RECORDS FOR THIS EXERCISE Block Start
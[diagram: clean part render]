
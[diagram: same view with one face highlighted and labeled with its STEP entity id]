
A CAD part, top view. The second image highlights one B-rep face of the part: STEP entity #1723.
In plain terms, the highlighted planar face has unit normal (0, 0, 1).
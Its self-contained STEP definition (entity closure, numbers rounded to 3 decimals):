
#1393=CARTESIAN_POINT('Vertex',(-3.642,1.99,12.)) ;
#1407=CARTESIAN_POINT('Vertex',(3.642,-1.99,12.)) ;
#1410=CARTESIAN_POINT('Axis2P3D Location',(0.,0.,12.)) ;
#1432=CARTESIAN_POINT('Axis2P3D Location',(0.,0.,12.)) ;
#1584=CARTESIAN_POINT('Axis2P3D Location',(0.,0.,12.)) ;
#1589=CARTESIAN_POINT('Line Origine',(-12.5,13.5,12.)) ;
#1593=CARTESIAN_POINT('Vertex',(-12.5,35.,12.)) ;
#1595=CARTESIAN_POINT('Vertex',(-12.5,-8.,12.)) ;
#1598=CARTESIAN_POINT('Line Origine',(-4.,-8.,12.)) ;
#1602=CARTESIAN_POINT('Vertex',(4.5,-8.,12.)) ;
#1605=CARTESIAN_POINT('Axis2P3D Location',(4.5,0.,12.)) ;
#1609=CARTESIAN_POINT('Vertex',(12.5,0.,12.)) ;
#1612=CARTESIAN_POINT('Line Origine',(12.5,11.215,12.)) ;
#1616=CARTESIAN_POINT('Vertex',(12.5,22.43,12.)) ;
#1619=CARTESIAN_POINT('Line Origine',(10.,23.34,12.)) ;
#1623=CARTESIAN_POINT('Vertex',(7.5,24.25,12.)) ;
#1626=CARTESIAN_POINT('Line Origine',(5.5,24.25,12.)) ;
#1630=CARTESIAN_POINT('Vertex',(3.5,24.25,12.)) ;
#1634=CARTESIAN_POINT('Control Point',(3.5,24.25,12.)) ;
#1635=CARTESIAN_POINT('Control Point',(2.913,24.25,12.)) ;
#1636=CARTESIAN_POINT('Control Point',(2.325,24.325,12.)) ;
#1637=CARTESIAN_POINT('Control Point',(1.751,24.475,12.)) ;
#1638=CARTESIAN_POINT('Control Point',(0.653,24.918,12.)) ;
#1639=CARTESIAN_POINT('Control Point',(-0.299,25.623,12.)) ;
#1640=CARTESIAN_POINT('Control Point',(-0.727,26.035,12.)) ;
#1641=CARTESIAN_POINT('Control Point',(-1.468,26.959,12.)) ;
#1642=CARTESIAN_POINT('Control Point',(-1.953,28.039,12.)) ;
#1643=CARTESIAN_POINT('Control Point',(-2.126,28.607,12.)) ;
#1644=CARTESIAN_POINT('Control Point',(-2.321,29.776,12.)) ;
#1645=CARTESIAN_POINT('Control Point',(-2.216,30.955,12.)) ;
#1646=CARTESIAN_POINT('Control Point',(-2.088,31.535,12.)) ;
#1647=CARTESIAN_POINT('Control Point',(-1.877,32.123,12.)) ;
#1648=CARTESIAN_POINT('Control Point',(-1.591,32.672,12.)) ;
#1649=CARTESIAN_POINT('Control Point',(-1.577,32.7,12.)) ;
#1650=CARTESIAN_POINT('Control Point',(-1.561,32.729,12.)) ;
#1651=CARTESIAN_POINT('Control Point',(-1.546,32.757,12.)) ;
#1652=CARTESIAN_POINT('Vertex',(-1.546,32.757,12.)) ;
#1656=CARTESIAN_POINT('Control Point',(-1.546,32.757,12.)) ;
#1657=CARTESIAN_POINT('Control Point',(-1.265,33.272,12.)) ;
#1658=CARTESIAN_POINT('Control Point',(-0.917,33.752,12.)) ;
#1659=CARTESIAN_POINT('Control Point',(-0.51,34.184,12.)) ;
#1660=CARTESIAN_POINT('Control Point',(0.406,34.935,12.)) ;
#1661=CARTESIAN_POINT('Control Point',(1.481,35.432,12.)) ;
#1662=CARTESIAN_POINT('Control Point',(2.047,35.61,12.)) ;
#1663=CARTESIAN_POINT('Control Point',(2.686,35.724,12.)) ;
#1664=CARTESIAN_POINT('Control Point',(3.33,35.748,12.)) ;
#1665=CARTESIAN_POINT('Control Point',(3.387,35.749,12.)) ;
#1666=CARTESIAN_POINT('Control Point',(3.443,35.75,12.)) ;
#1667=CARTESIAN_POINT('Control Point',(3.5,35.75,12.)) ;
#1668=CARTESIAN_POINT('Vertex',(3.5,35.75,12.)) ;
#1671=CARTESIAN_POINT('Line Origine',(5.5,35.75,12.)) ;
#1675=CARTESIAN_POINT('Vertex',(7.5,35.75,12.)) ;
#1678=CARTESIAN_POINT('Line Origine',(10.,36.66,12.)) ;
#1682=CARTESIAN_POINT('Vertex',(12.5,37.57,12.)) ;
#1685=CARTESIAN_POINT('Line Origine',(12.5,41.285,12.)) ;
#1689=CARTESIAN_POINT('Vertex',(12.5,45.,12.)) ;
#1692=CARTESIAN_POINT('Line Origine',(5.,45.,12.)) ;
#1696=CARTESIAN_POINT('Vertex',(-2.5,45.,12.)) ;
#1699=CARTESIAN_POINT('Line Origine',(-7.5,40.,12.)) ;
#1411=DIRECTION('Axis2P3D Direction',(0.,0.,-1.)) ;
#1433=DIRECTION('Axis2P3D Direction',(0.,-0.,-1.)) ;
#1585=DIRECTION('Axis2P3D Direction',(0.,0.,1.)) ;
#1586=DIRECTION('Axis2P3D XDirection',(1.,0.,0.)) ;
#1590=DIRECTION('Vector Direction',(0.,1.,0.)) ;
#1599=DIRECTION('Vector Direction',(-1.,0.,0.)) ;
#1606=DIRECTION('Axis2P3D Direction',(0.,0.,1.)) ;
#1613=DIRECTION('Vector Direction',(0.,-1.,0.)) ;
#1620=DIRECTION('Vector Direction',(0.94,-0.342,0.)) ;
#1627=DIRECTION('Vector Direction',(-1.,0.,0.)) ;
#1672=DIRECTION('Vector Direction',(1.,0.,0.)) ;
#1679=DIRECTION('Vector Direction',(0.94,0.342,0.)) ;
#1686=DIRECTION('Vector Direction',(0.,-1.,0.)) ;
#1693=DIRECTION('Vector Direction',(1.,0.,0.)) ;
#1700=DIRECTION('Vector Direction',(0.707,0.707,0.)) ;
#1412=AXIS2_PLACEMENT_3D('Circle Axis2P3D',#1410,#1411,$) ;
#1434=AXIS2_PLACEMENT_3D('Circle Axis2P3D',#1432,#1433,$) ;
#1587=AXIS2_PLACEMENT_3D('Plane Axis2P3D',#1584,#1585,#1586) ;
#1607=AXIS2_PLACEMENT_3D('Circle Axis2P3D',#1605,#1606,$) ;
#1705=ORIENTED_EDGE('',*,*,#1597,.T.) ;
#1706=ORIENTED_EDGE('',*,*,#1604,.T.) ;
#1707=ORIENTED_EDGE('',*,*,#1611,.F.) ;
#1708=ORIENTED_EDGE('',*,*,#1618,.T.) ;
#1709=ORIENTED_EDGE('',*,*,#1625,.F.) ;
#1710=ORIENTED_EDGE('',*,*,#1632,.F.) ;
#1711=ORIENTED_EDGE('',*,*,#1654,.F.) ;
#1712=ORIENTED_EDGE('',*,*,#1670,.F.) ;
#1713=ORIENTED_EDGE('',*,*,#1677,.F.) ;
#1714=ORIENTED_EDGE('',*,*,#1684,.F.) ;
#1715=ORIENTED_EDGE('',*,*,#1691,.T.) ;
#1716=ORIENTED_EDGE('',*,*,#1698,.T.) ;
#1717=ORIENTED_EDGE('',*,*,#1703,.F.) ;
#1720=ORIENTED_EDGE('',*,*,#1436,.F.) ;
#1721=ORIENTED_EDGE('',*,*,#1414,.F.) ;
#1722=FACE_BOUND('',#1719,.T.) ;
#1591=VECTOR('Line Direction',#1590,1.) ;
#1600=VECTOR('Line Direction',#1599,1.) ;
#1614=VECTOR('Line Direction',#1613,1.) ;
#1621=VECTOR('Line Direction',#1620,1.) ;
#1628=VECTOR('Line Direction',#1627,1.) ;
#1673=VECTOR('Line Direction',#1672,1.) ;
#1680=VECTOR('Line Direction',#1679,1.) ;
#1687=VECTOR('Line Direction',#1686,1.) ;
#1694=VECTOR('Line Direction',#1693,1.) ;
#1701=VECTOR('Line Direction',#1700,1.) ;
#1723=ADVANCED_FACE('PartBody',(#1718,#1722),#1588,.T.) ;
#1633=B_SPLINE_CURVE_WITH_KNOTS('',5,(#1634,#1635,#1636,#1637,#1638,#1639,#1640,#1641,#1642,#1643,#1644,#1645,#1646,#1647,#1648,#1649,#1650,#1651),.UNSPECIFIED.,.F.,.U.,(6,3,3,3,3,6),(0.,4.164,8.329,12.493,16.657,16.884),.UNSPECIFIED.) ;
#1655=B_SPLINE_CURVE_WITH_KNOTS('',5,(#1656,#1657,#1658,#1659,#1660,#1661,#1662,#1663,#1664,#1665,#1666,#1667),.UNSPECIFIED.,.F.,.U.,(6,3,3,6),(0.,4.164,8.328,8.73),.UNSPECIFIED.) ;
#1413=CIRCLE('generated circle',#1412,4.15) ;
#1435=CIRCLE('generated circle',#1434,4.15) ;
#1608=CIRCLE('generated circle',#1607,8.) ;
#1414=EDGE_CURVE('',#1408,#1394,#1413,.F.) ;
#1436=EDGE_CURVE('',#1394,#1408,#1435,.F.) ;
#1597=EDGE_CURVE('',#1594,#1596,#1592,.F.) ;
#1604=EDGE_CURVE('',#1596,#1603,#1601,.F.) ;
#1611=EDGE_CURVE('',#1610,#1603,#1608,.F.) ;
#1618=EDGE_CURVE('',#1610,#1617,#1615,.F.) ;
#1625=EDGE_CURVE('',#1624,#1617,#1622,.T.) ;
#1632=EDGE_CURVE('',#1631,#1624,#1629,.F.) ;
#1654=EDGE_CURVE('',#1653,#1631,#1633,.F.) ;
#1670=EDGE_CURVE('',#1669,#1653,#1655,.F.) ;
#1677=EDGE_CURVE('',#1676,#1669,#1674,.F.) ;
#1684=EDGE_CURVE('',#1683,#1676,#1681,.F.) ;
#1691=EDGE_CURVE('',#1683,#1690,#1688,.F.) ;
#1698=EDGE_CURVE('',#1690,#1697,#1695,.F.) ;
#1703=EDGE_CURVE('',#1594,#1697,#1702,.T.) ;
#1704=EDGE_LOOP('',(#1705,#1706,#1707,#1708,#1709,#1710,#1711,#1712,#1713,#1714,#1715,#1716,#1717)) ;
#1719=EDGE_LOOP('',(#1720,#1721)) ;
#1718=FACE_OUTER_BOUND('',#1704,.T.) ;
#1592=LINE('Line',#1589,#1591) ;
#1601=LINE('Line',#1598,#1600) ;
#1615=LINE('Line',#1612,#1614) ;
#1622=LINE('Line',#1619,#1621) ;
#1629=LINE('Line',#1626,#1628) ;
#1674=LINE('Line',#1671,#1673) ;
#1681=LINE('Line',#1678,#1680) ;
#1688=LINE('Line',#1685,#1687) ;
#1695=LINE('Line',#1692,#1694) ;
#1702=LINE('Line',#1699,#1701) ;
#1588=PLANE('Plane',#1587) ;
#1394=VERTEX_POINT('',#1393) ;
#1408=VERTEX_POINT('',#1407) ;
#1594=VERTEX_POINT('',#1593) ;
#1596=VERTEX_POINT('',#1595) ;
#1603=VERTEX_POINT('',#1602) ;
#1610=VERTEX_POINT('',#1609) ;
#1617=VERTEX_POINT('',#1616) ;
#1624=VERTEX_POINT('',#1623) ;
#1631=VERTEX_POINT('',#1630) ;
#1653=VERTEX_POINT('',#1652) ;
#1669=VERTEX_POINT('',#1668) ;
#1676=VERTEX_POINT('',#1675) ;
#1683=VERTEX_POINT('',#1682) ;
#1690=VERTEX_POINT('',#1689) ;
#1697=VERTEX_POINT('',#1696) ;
RECORDS FOR THIS EXERCISE Block End
▸ **TASK ITEM**
From the records above, print exactly the lines that run from the line with "#1693=DIRECTION('Vector Direction',(1.,0.,0.)) ;" to the line with "#1715=ORIENTED_EDGE('',*,*,#1691,.T.) ;", inclusive.

▸ **SOLUTION FOR THIS EXERCISE**
#1693=DIRECTION('Vector Direction',(1.,0.,0.)) ;
#1700=DIRECTION('Vector Direction',(0.707,0.707,0.)) ;
#1412=AXIS2_PLACEMENT_3D('Circle Axis2P3D',#1410,#1411,$) ;
#1434=AXIS2_PLACEMENT_3D('Circle Axis2P3D',#1432,#1433,$) ;
#1587=AXIS2_PLACEMENT_3D('Plane Axis2P3D',#1584,#1585,#1586) ;
#1607=AXIS2_PLACEMENT_3D('Circle Axis2P3D',#1605,#1606,$) ;
#1705=ORIENTED_EDGE('',*,*,#1597,.T.) ;
#1706=ORIENTED_EDGE('',*,*,#1604,.T.) ;
#1707=ORIENTED_EDGE('',*,*,#1611,.F.) ;
#1708=ORIENTED_EDGE('',*,*,#1618,.T.) ;
#1709=ORIENTED_EDGE('',*,*,#1625,.F.) ;
#1710=ORIENTED_EDGE('',*,*,#1632,.F.) ;
#1711=ORIENTED_EDGE('',*,*,#1654,.F.) ;
#1712=ORIENTED_EDGE('',*,*,#1670,.F.) ;
#1713=ORIENTED_EDGE('',*,*,#1677,.F.) ;
#1714=ORIENTED_EDGE('',*,*,#1684,.F.) ;
#1715=ORIENTED_EDGE('',*,*,#1691,.T.) ;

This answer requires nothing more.